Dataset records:

[Start of section]

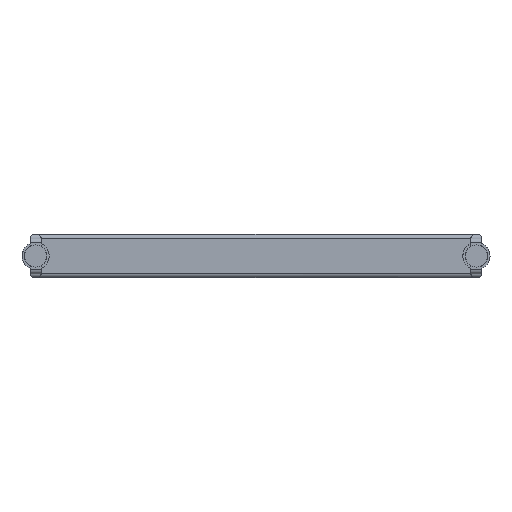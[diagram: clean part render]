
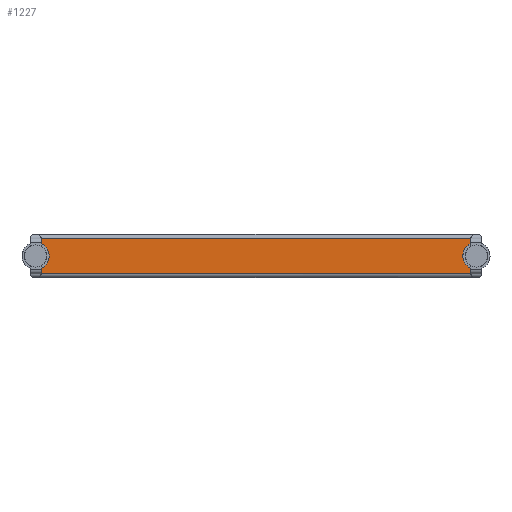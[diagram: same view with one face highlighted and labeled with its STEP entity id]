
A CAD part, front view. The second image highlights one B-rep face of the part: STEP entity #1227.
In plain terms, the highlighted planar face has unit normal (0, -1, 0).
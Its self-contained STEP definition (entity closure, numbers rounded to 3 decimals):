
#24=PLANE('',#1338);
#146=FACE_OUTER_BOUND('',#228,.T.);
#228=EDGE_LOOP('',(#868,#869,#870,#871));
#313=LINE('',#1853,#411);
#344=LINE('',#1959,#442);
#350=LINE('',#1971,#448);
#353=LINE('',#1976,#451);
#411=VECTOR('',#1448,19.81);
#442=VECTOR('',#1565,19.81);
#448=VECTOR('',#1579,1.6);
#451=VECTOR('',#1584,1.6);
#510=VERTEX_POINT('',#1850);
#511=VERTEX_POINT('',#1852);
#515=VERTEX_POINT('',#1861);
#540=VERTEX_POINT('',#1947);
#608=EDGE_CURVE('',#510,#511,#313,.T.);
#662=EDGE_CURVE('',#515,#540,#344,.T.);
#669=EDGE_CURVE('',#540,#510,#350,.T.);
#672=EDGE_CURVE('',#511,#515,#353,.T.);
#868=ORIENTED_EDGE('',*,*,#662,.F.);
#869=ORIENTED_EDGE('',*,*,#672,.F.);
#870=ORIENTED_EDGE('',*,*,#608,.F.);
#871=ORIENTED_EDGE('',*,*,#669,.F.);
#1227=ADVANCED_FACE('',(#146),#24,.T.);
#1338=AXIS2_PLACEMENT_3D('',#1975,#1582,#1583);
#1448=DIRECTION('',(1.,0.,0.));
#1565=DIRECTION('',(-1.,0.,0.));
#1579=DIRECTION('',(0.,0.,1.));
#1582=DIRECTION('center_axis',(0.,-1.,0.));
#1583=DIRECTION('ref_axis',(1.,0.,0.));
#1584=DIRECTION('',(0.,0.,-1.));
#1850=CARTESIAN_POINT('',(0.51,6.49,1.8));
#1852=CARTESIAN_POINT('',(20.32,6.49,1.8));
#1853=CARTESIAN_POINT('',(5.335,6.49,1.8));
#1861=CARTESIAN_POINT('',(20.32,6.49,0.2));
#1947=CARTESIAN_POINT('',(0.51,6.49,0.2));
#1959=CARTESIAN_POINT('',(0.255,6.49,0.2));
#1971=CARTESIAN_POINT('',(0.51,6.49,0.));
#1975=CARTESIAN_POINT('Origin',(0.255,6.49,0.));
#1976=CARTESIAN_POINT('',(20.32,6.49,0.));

[End of section]

All lines above from the one holding "#448=VECTOR('',#1579,1.6);" to the one holding "#1579=DIRECTION('',(0.,0.,1.));", inclusive, are to be copied exactly; no other line is wanted.

RESPONSE TO THIS EXERCISE:
#448=VECTOR('',#1579,1.6);
#451=VECTOR('',#1584,1.6);
#510=VERTEX_POINT('',#1850);
#511=VERTEX_POINT('',#1852);
#515=VERTEX_POINT('',#1861);
#540=VERTEX_POINT('',#1947);
#608=EDGE_CURVE('',#510,#511,#313,.T.);
#662=EDGE_CURVE('',#515,#540,#344,.T.);
#669=EDGE_CURVE('',#540,#510,#350,.T.);
#672=EDGE_CURVE('',#511,#515,#353,.T.);
#868=ORIENTED_EDGE('',*,*,#662,.F.);
#869=ORIENTED_EDGE('',*,*,#672,.F.);
#870=ORIENTED_EDGE('',*,*,#608,.F.);
#871=ORIENTED_EDGE('',*,*,#669,.F.);
#1227=ADVANCED_FACE('',(#146),#24,.T.);
#1338=AXIS2_PLACEMENT_3D('',#1975,#1582,#1583);
#1448=DIRECTION('',(1.,0.,0.));
#1565=DIRECTION('',(-1.,0.,0.));
#1579=DIRECTION('',(0.,0.,1.));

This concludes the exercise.